• [What is expected] What should you transcribe? Every line from the top of the records below through the line with "Full cylindrical faces", exactly, and no pictures.

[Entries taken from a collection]
^^^^^^^^

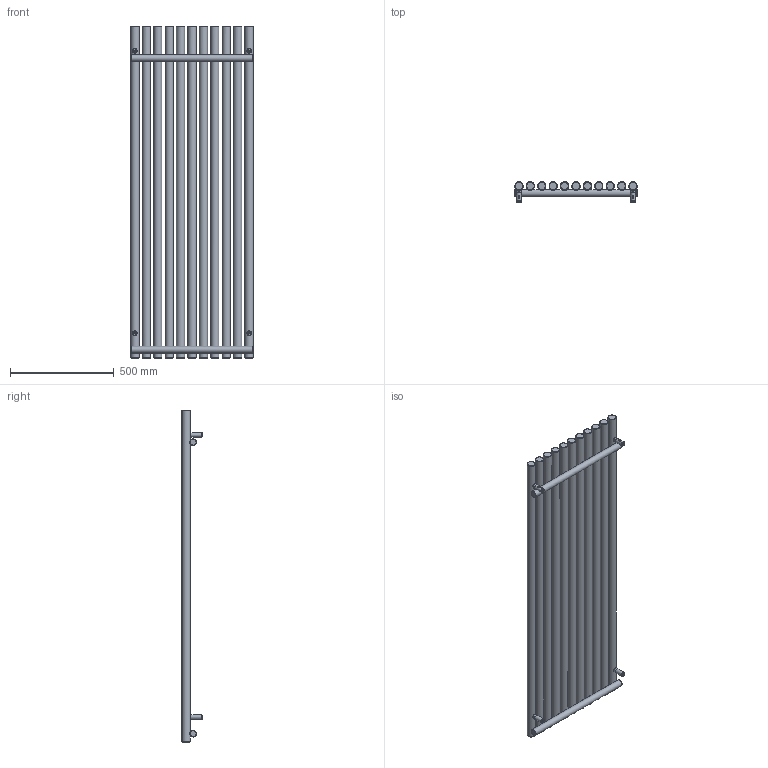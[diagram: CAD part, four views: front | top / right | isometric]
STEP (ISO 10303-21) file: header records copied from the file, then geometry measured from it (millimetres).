
FILE_DESCRIPTION(/* description */ (''),/* implementation_level */ '2;1');
FILE_NAME(/* name */ 'Z:\R\G\P\RGP116 - Grzejniki Geyser\Work\Inventor\Circolo (Rolo V, Rolo H)\ROLO-ROOM\Marketing\Bryły 3D\Zaokrąglone\WLROR160059-ES-CK-(Z).stp',/* time_stamp */ '2024-03-29T15:53:19+01:00',/* author */ ('NowAd'),/* organization */ (''),/* preprocessor_version */ 'ST-DEVELOPER v17.2',/* originating_system */ 'Autodesk Inventor 2019',/* authorisation */ '');
FILE_SCHEMA (('AUTOMOTIVE_DESIGN { 1 0 10303 214 3 1 1 }'));
Length unit declared in the file: millimetre
Products named in the file (3): WLROR160059-ES-CK-(Z); PGROR160059-ES-CK-(K); CK-V-fi40 marketing
Assembly tree (5 placements, depth 2):
  WLROR160059-ES-CK-(Z)
    PGROR160059-ES-CK-(K)
    CK-V-fi40 marketing  x4
Bounding box: 590 x 96.5 x 1600 mm (x, y, z)
Volume: 23104166.7 mm3; surface area: 2378053.7 mm2
Topology: 5 solids, 5 shells, 359 faces, 889 edges, 594 vertices
Faces by surface type: plane 144, cylinder 79, cone 60, torus 54, bspline 22
Full cylindrical faces by diameter (mm): 4.134 x4, 4.48 x4, 6.4 x4, 10 x4, 12 x4, 15.834 x4, 16 x4, 18.631 x2, 22 x4, 32 x2, 40 x11
Entity records: 10090 total; most frequent: CARTESIAN_POINT 5936, DIRECTION 862, ORIENTED_EDGE 816, EDGE_CURVE 408, AXIS2_PLACEMENT_3D 391, VERTEX_POINT 276, EDGE_LOOP 238, CIRCLE 221
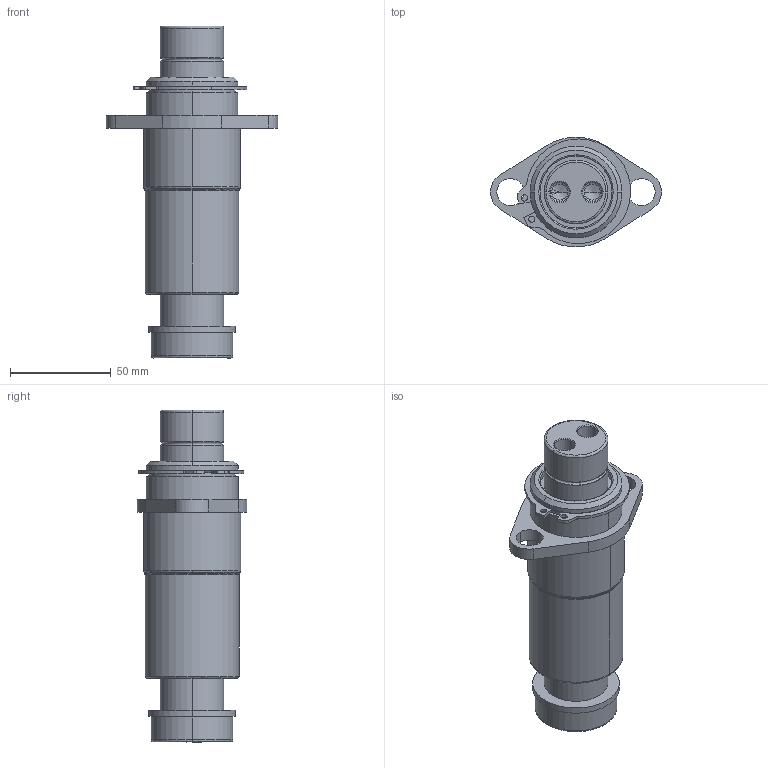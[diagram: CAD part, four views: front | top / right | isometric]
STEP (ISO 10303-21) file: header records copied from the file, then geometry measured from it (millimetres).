
FILE_DESCRIPTION (( 'STEP AP214' ), '1' );
FILE_NAME ('GK122-N4-1-TB-E-XXX.STEP', '2020-09-21T18:44:57', ( '' ), ( '' ), 'SwSTEP 2.0', 'SolidWorks 2017', '' );
FILE_SCHEMA (( 'AUTOMOTIVE_DESIGN' ));
Length unit declared in the file: inch
Products named in the file (7): GK122-DampeningWasher; GK122-N4-1-TB-E-XXX; RetainingRing; GK1.25-N4-1-TB-Base; GK122-E-XXX-GuidePin
Assembly tree (6 placements, depth 3):
  GK122-N4-1-TB-E-XXX
    GK1.25-N4-1-TB-Base
      GK1.25-N4-1-TB-Base
      RetainingRing
    GK122-E-XXX-GuidePin
      GK122-E-XXX-GuidePin
      GK122-DampeningWasher
Bounding box: 85.09 x 54.52 x 165.1 mm (x, y, z)
Volume: 240834.4 mm3; surface area: 57227.3 mm2
Topology: 4 solids, 4 shells, 125 faces, 289 edges, 176 vertices
Faces by surface type: cylinder 59, plane 24, cone 22, bspline 20
Entity records: 4532 total; most frequent: CARTESIAN_POINT 1229, DIRECTION 671, ORIENTED_EDGE 570, EDGE_CURVE 285, AXIS2_PLACEMENT_3D 280, VERTEX_POINT 176, CIRCLE 164, EDGE_LOOP 145
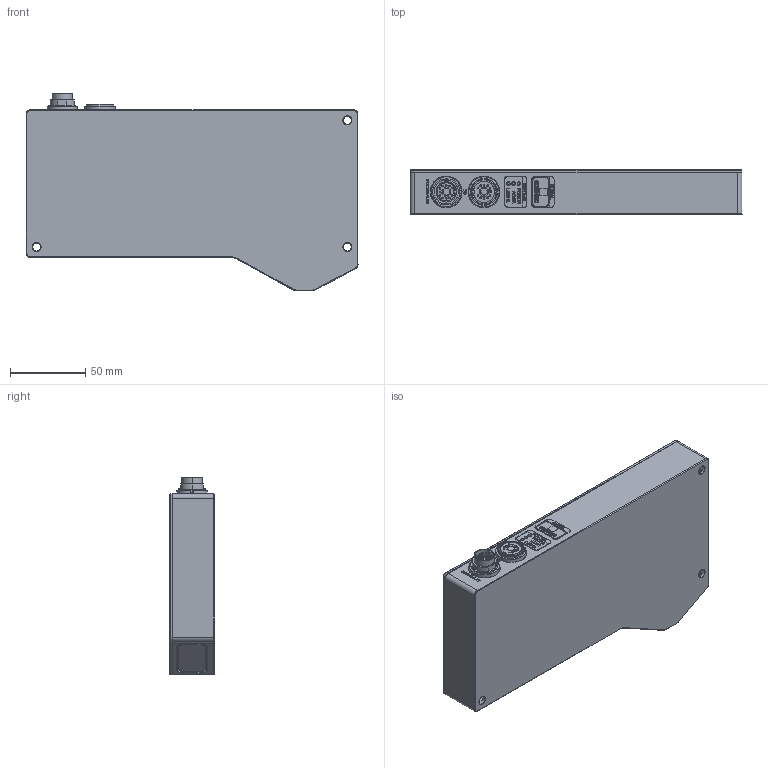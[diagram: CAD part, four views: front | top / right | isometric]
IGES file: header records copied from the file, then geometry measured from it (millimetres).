
Start section: SolidWorks IGES file using analytic representation for surfaces
Global section: file name: C:\_LMI\VAULT\SENSORS\dev\RD\Gocator\Models\1x00\_Base\Documents\Manual Drawings\Gocator 11x0 220mm Sensor 3D Model.IGS; native system: SolidWorks 2012; preprocessor: SolidWorks 2012; author: Jeff; date: 121017.113741; units: millimetre
Bounding box: 220 x 30.11 x 131 mm (x, y, z)
Surface area: 137611.7 mm2 (no closed solid volume)
Topology: 0 solids, 0 shells, 1937 faces, 21452 edges, 21348 vertices
Faces by surface type: bspline 1271, revolution 666
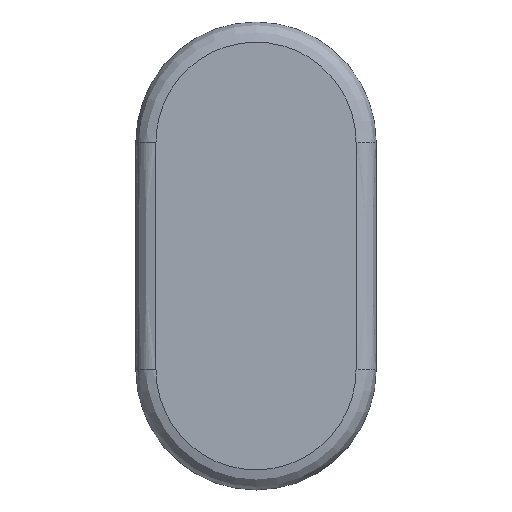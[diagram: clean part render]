
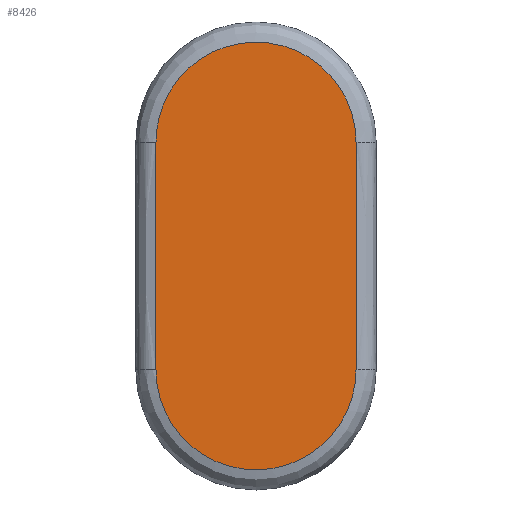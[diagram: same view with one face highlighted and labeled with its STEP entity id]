
A CAD part, front view. The second image highlights one B-rep face of the part: STEP entity #8426.
In plain terms, the highlighted planar face has unit normal (0, -1, 0).
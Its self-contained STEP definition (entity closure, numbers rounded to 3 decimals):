
#7895=CARTESIAN_POINT('',(-25.8,-10.7,
-73.1));
#7896=CARTESIAN_POINT('',(-25.8,-10.7,
-73.98));
#7897=CARTESIAN_POINT('',(-25.713,-10.7,
-75.674));
#7898=CARTESIAN_POINT('',(-25.203,-10.7,
-79.067));
#7899=CARTESIAN_POINT('',(-23.946,-10.7,
-83.141));
#7900=CARTESIAN_POINT('',(-21.533,-10.7,
-87.608));
#7901=CARTESIAN_POINT('',(-18.3,-10.7,
-91.52));
#7902=CARTESIAN_POINT('',(-14.371,-10.7,
-94.725));
#7903=CARTESIAN_POINT('',(-9.895,-10.7,
-97.104));
#7904=CARTESIAN_POINT('',(-5.045,-10.7,
-98.57));
#7905=CARTESIAN_POINT('',(-1.667,-10.7,
-98.901));
#7906=CARTESIAN_POINT('',(1.713,-10.7,
-98.899));
#7907=CARTESIAN_POINT('',(5.098,-10.7,
-98.56));
#7908=CARTESIAN_POINT('',(9.957,-10.7,
-97.08));
#7909=CARTESIAN_POINT('',(14.436,-10.7,
-94.683));
#7910=CARTESIAN_POINT('',(18.361,-10.7,
-91.46));
#7911=CARTESIAN_POINT('',(21.583,-10.7,
-87.533));
#7912=CARTESIAN_POINT('',(23.981,-10.7,
-83.056));
#7913=CARTESIAN_POINT('',(25.215,-10.7,
-79.005));
#7914=CARTESIAN_POINT('',(25.714,-10.7,
-75.653));
#7915=CARTESIAN_POINT('',(25.8,-10.7,
-73.978));
#7916=CARTESIAN_POINT('',(25.8,-10.7,
-73.1));
#7918=DIRECTION('',(0.,0.,-1.));
#7919=VECTOR('',#7918,58.7);
#7920=CARTESIAN_POINT('',(-25.8,-10.7,
-14.4));
#7921=LINE('',#7920,#7919);
#7922=CARTESIAN_POINT('',(25.8,-10.7,
-14.4));
#7923=CARTESIAN_POINT('',(25.8,-10.7,
-13.522));
#7924=CARTESIAN_POINT('',(25.714,-10.7,
-11.846));
#7925=CARTESIAN_POINT('',(25.215,-10.7,
-8.494));
#7926=CARTESIAN_POINT('',(23.981,-10.7,
-4.444));
#7927=CARTESIAN_POINT('',(21.584,-10.7,
0.034));
#7928=CARTESIAN_POINT('',(18.361,-10.7,3.96));
#7929=CARTESIAN_POINT('',(14.436,-10.7,7.183));
#7930=CARTESIAN_POINT('',(9.957,-10.7,9.58));
#7931=CARTESIAN_POINT('',(5.098,-10.7,11.061));
#7932=CARTESIAN_POINT('',(1.713,-10.7,11.399));
#7933=CARTESIAN_POINT('',(-1.667,-10.7,
11.402));
#7934=CARTESIAN_POINT('',(-5.044,-10.7,
11.071));
#7935=CARTESIAN_POINT('',(-9.896,-10.7,
9.605));
#7936=CARTESIAN_POINT('',(-14.37,-10.7,
7.226));
#7937=CARTESIAN_POINT('',(-18.3,-10.7,
4.021));
#7938=CARTESIAN_POINT('',(-21.533,-10.7,
0.108));
#7939=CARTESIAN_POINT('',(-23.946,-10.7,
-4.358));
#7940=CARTESIAN_POINT('',(-25.203,-10.7,
-8.433));
#7941=CARTESIAN_POINT('',(-25.713,-10.7,
-11.825));
#7942=CARTESIAN_POINT('',(-25.8,-10.7,
-13.519));
#7943=CARTESIAN_POINT('',(-25.8,-10.7,
-14.4));
#7945=DIRECTION('',(0.,0.,1.));
#7946=VECTOR('',#7945,58.7);
#7947=CARTESIAN_POINT('',(25.8,-10.7,
-73.1));
#7948=LINE('',#7947,#7946);
#7974=VERTEX_POINT('',#7895);
#7975=VERTEX_POINT('',#7916);
#7976=CARTESIAN_POINT('',(25.8,-10.7,
-14.4));
#7977=VERTEX_POINT('',#7976);
#7978=VERTEX_POINT('',#7943);
#8413=CARTESIAN_POINT('',(-2.149,-10.7,
-43.75));
#8414=DIRECTION('',(0.,1.,0.));
#8415=DIRECTION('',(1.,0.,0.));
#8416=AXIS2_PLACEMENT_3D('',#8413,#8414,#8415);
#8417=PLANE('',#8416);
#8419=ORIENTED_EDGE('',*,*,#8418,.F.);
#8420=ORIENTED_EDGE('',*,*,#8405,.F.);
#8421=ORIENTED_EDGE('',*,*,#8391,.F.);
#8423=ORIENTED_EDGE('',*,*,#8422,.F.);
#8424=EDGE_LOOP('',(#8419,#8420,#8421,#8423));
#8425=FACE_OUTER_BOUND('',#8424,.F.);
#8426=ADVANCED_FACE('',(#8425),#8417,.F.);
#7917=B_SPLINE_CURVE_WITH_KNOTS('',3,(#7895,#7896,#7897,#7898,#7899,#7900,#7901,
#7902,#7903,#7904,#7905,#7906,#7907,#7908,#7909,#7910,#7911,#7912,#7913,#7914,
#7915,#7916),.UNSPECIFIED.,.F.,.F.,(4,1,1,1,1,1,1,1,1,1,1,1,1,1,1,1,1,1,1,4),(
0.,0.031,0.063,0.125,0.188,0.25,0.313,0.375,
0.437,0.5,0.5,0.563,0.625,0.688,0.75,
0.813,0.875,0.938,0.969,1.),.UNSPECIFIED.);
#7944=B_SPLINE_CURVE_WITH_KNOTS('',3,(#7922,#7923,#7924,#7925,#7926,#7927,#7928,
#7929,#7930,#7931,#7932,#7933,#7934,#7935,#7936,#7937,#7938,#7939,#7940,#7941,
#7942,#7943),.UNSPECIFIED.,.F.,.F.,(4,1,1,1,1,1,1,1,1,1,1,1,1,1,1,1,1,1,1,4),(
0.,0.031,0.062,0.125,0.187,0.25,0.312,0.375,
0.437,0.5,0.5,0.563,0.625,0.687,0.75,
0.812,0.875,0.937,0.969,1.),.UNSPECIFIED.);
#8391=EDGE_CURVE('',#7977,#7978,#7944,.T.);
#8405=EDGE_CURVE('',#7978,#7974,#7921,.T.);
#8418=EDGE_CURVE('',#7974,#7975,#7917,.T.);
#8422=EDGE_CURVE('',#7975,#7977,#7948,.T.);

^^^^^^^^

• [Problem solution]
[diagram: CAD part, four views: front | top / right | isometric]
STEP (ISO 10303-21) file: header records copied from the file, then geometry measured from it (millimetres).
FILE_DESCRIPTION(/* description */ (''),/* implementation_level */ '2;1');
FILE_NAME(/* name */ 'Z:\R\G\P\RGP116 - Grzejniki Geyser\Work\Inventor\Circolo (Rolo V, Rolo H)\ROLO-ROOM\Marketing\Bryły 3D\Zaokrąglone\WLROR160059-ES-CK-(Z).stp',/* time_stamp */ '2024-03-29T15:53:19+01:00',/* author */ ('NowAd'),/* organization */ (''),/* preprocessor_version */ 'ST-DEVELOPER v17.2',/* originating_system */ 'Autodesk Inventor 2019',/* authorisation */ '');
FILE_SCHEMA (('AUTOMOTIVE_DESIGN { 1 0 10303 214 3 1 1 }'));
Length unit declared in the file: millimetre
Products named in the file (3): WLROR160059-ES-CK-(Z); PGROR160059-ES-CK-(K); CK-V-fi40 marketing
Assembly tree (5 placements, depth 2):
  WLROR160059-ES-CK-(Z)
    PGROR160059-ES-CK-(K)
    CK-V-fi40 marketing  x4
Bounding box: 590 x 96.5 x 1600 mm (x, y, z)
Volume: 23104166.7 mm3; surface area: 2378053.7 mm2
Topology: 5 solids, 5 shells, 359 faces, 889 edges, 594 vertices
Faces by surface type: plane 144, cylinder 79, cone 60, torus 54, bspline 22
Full cylindrical faces by diameter (mm): 4.134 x4, 4.48 x4, 6.4 x4, 10 x4, 12 x4, 15.834 x4, 16 x4, 18.631 x2, 22 x4, 32 x2, 40 x11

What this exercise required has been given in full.